### Prompt
Return exactly, please, the lines from the one containing "Part drawing. Terse" to the last line of the entries below, and nothing else, leaving pictures out.

Records drawn from a dataset:
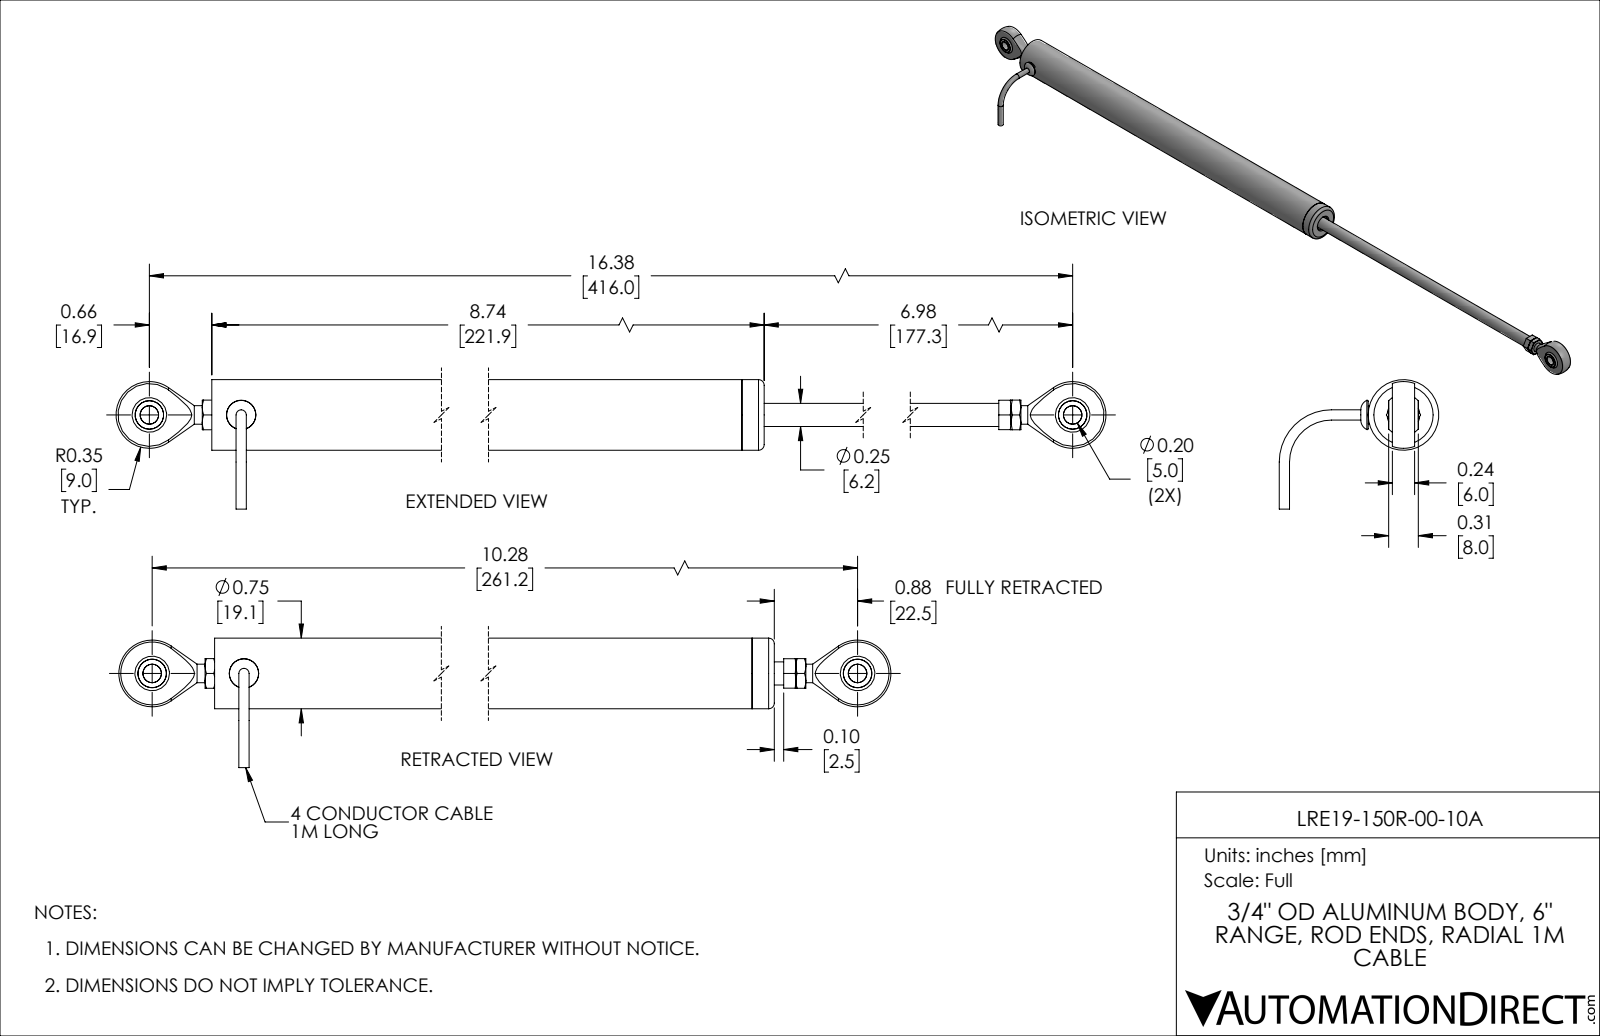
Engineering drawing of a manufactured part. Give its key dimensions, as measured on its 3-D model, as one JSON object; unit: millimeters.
{"part_name": "LRE19-150R-00-10A", "step_written_by": "SolidWorks 2019 (AUTOMOTIVE_DESIGN)", "units": "millimeters", "bodies": {"solids": 13, "faces": 163, "planar": 58, "cylindrical": 34, "other": 71}, "overall_size": [278.2, 43.1, 34.9], "volume_mm3": 27510, "surface_area_mm2": 38410, "round_holes": [[5, 3], [2.8, 1], [4.2, 1], [4.8, 1], [4.9, 1], [5.6, 1], [7.8, 1], [15.7, 1], [15.9, 1], [16.5, 1], [18, 1], [18.4, 1]], "round_bosses_or_shafts": [[19.1, 1], [17.8, 1], [15.8, 1], [6.2, 1], [5.7, 1], [5.5, 1], [2.8, 1]], "face_to_face_distances": [6, 2.7, 219.1, 221.8, 215.8, 213.1, 6, 8, 1, 7], "hole_center_spacings": [24.8, 236.4, 261.2]}
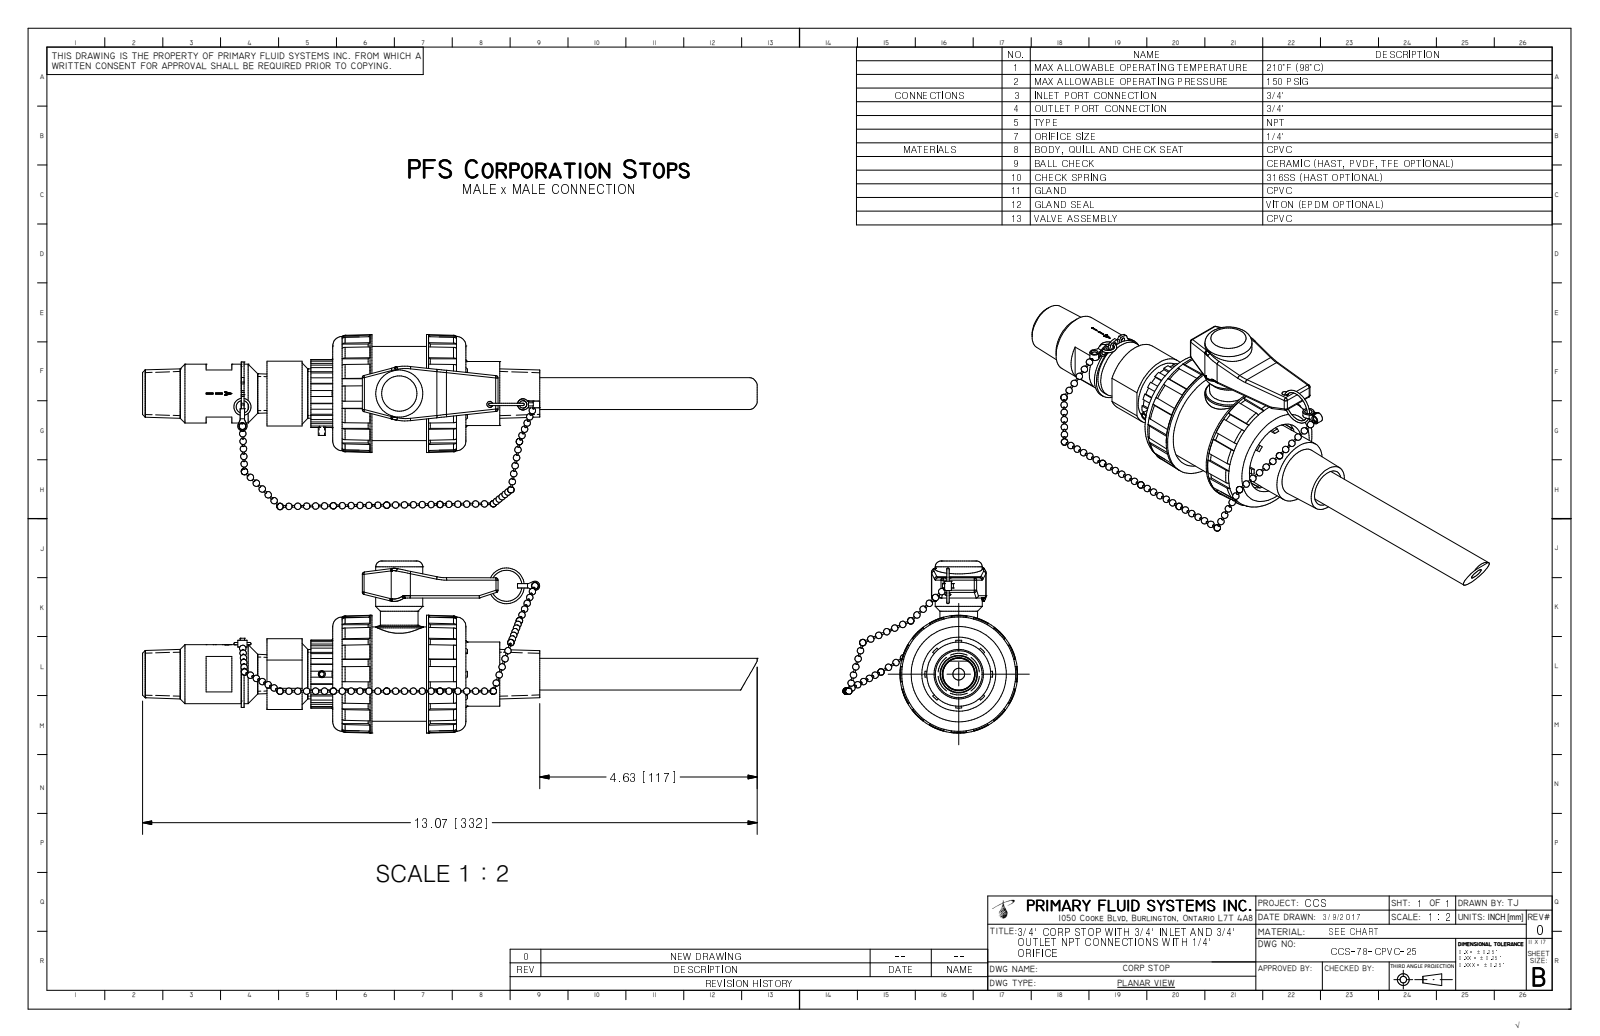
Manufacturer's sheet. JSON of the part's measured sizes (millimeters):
{"part_name": "CCS-78-CPVC-25_R0", "step_written_by": "Autodesk Inventor 2009 (AUTOMOTIVE_DESIGN)", "units": "millimeters", "bodies": {"solids": 1, "faces": 615, "planar": 225, "cylindrical": 144, "other": 246}, "overall_size": [332, 94.3, 92.7], "volume_mm3": 326100, "surface_area_mm2": 73420, "round_holes": [[2.5, 1], [6.4, 1], [11.9, 1], [14.2, 1], [39.9, 1], [54.9, 1]], "round_bosses_or_shafts": [[63.5, 1], [50.8, 1], [45.7, 1], [34.5, 1], [34.1, 1], [31.8, 1], [29, 1], [25.4, 1]], "partial_cylinders_radius": [[1.3, 21], [25.4, 3], [1.4, 2], [5, 2], [8.9, 1], [15.8, 1], [18.3, 1], [19.1, 1]], "face_to_face_distances": [5.2, 66.7, 21.2, 50.7, 16, 45.5, 11.8, 71.9, 61.5, 29.5], "hole_center_spacings": [16.7]}
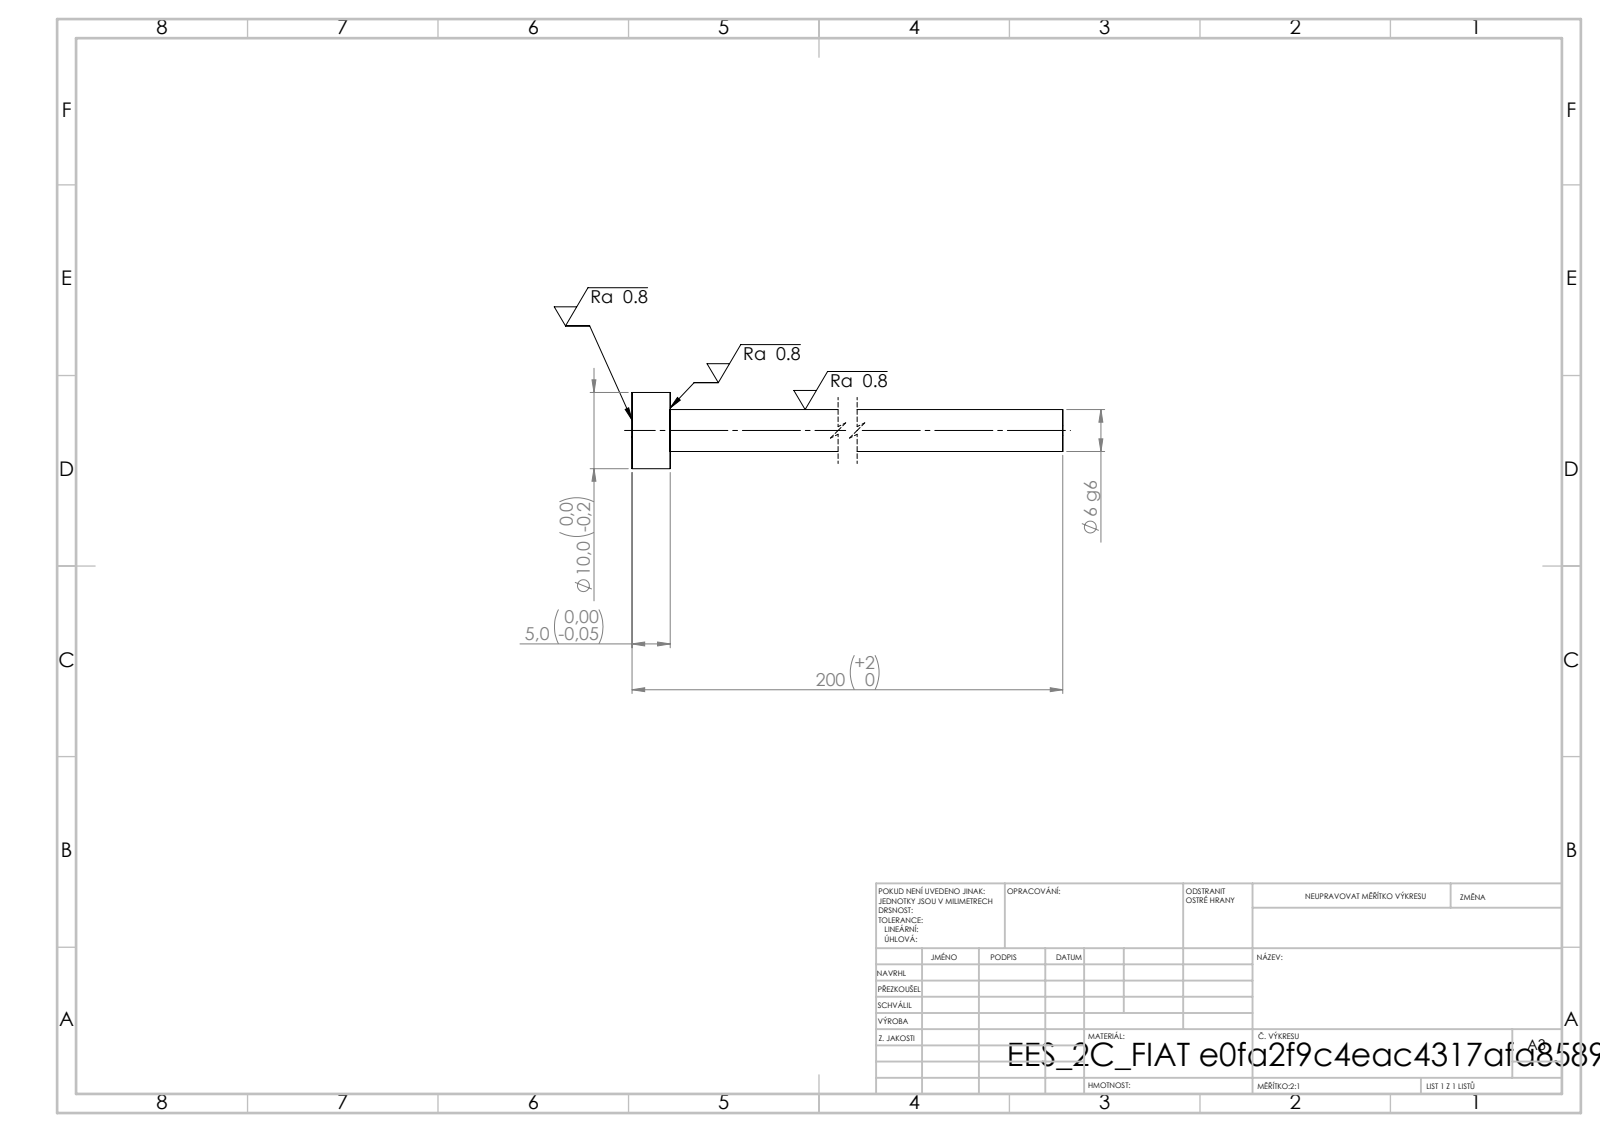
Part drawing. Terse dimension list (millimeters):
written by: SolidWorks 2019 (CONFIG_CONTROL_DESIGN)
unit: mm
bodies: 1 solid, 7 faces (3 planar, 4 cylindrical, 0 other)
size: 200 × 10 × 10
volume: 5 026 mm³; area: 3 684 mm²
bosses: 1× ⌀10, 1× ⌀5.5
face distances: 5, 200, 195
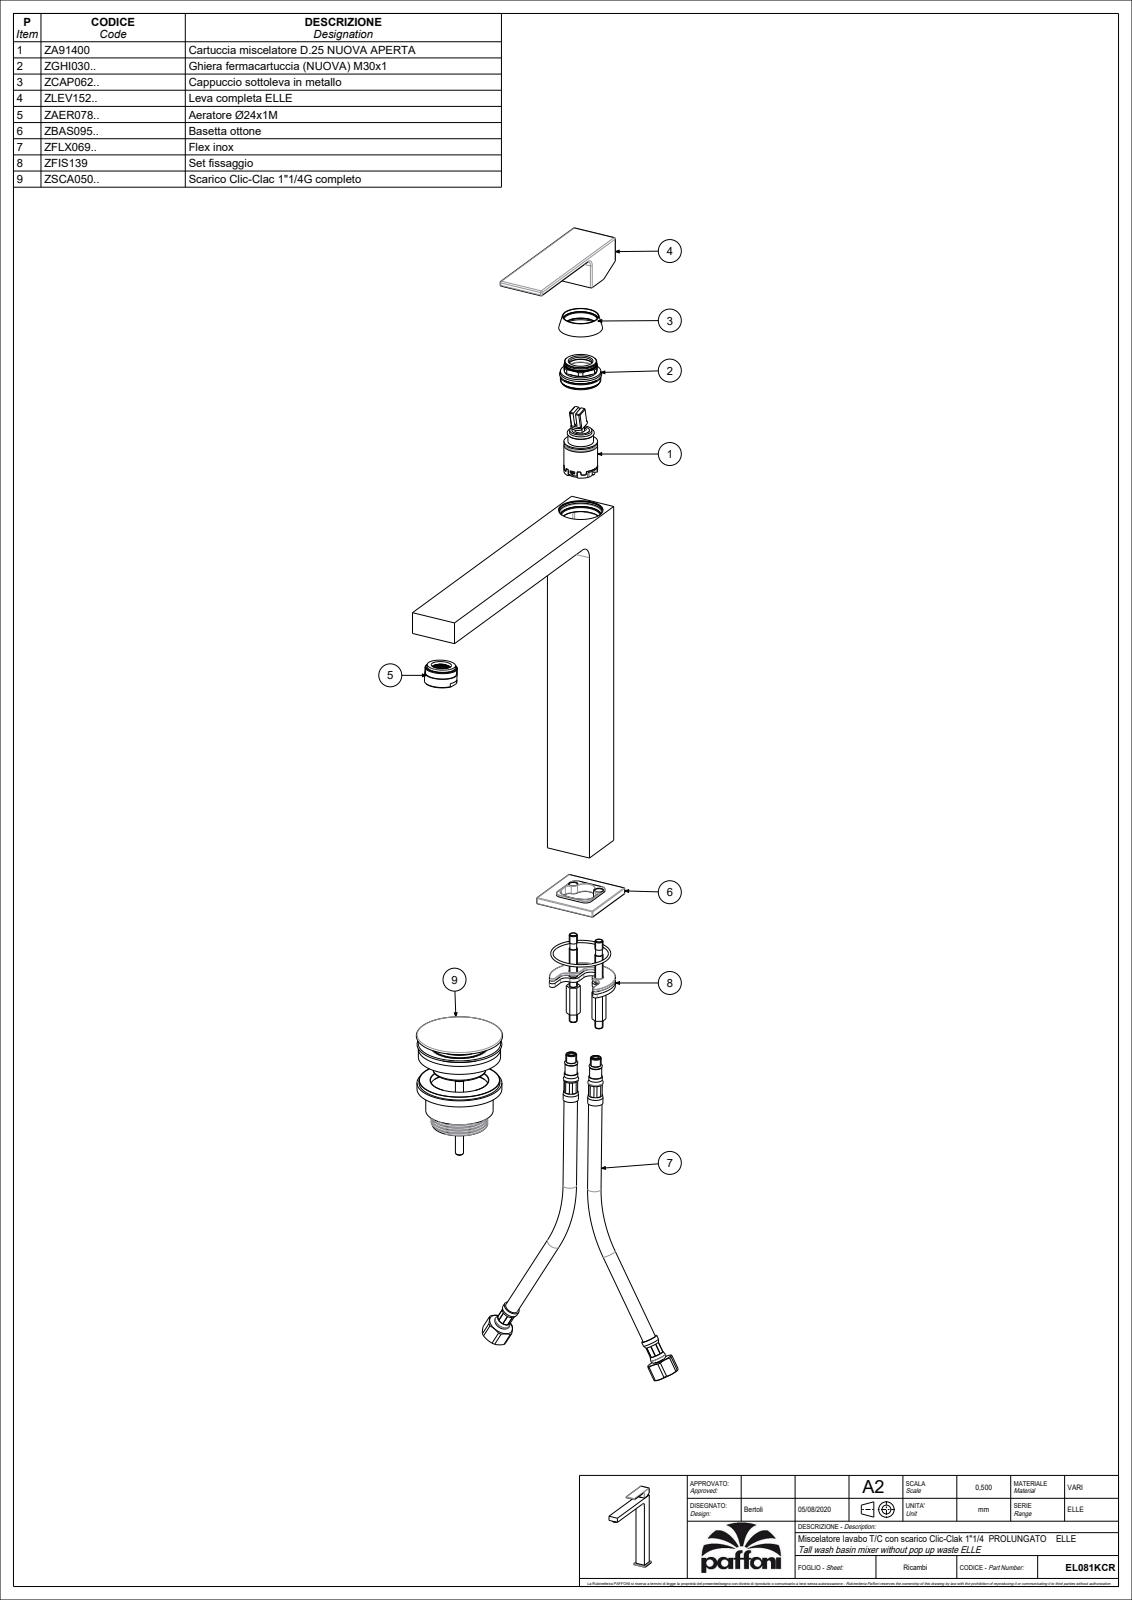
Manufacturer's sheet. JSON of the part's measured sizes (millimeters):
{"part_name": "EL081CR", "step_written_by": "CREO PARAMETRIC BY PTC INC, 2020044 (CONFIG_CONTROL_DESIGN)", "units": "millimeters", "bodies": {"solids": 2, "faces": 152, "planar": 55, "cylindrical": 57, "other": 40}, "overall_size": [306.78, 242.5, 48], "volume_mm3": 519041, "surface_area_mm2": 83272, "round_holes": [[3, 1], [4.5, 1], [5.5, 1], [24.8, 1], [26.2, 1], [28, 1]], "round_bosses_or_shafts": [[24, 1]], "partial_cylinders_radius": [[1, 13], [0.5, 12], [1.5, 8], [5, 1], [10.5, 1]], "face_to_face_distances": [36, 17, 45.28, 28.28, 41.28, 24.28, 4, 261.5, 278.5, 302.78]}

### Task solution
Part drawing. Terse dimension list (millimeters):
written by: SolidWorks 2019 (CONFIG_CONTROL_DESIGN)
unit: mm
bodies: 1 solid, 7 faces (3 planar, 4 cylindrical, 0 other)
size: 200 × 10 × 10
volume: 5 026 mm³; area: 3 684 mm²
bosses: 1× ⌀10, 1× ⌀5.5
face distances: 5, 200, 195
Manufacturer's sheet. JSON of the part's measured sizes (millimeters):
{"part_name": "EL081CR", "step_written_by": "CREO PARAMETRIC BY PTC INC, 2020044 (CONFIG_CONTROL_DESIGN)", "units": "millimeters", "bodies": {"solids": 2, "faces": 152, "planar": 55, "cylindrical": 57, "other": 40}, "overall_size": [306.78, 242.5, 48], "volume_mm3": 519041, "surface_area_mm2": 83272, "round_holes": [[3, 1], [4.5, 1], [5.5, 1], [24.8, 1], [26.2, 1], [28, 1]], "round_bosses_or_shafts": [[24, 1]], "partial_cylinders_radius": [[1, 13], [0.5, 12], [1.5, 8], [5, 1], [10.5, 1]], "face_to_face_distances": [36, 17, 45.28, 28.28, 41.28, 24.28, 4, 261.5, 278.5, 302.78]}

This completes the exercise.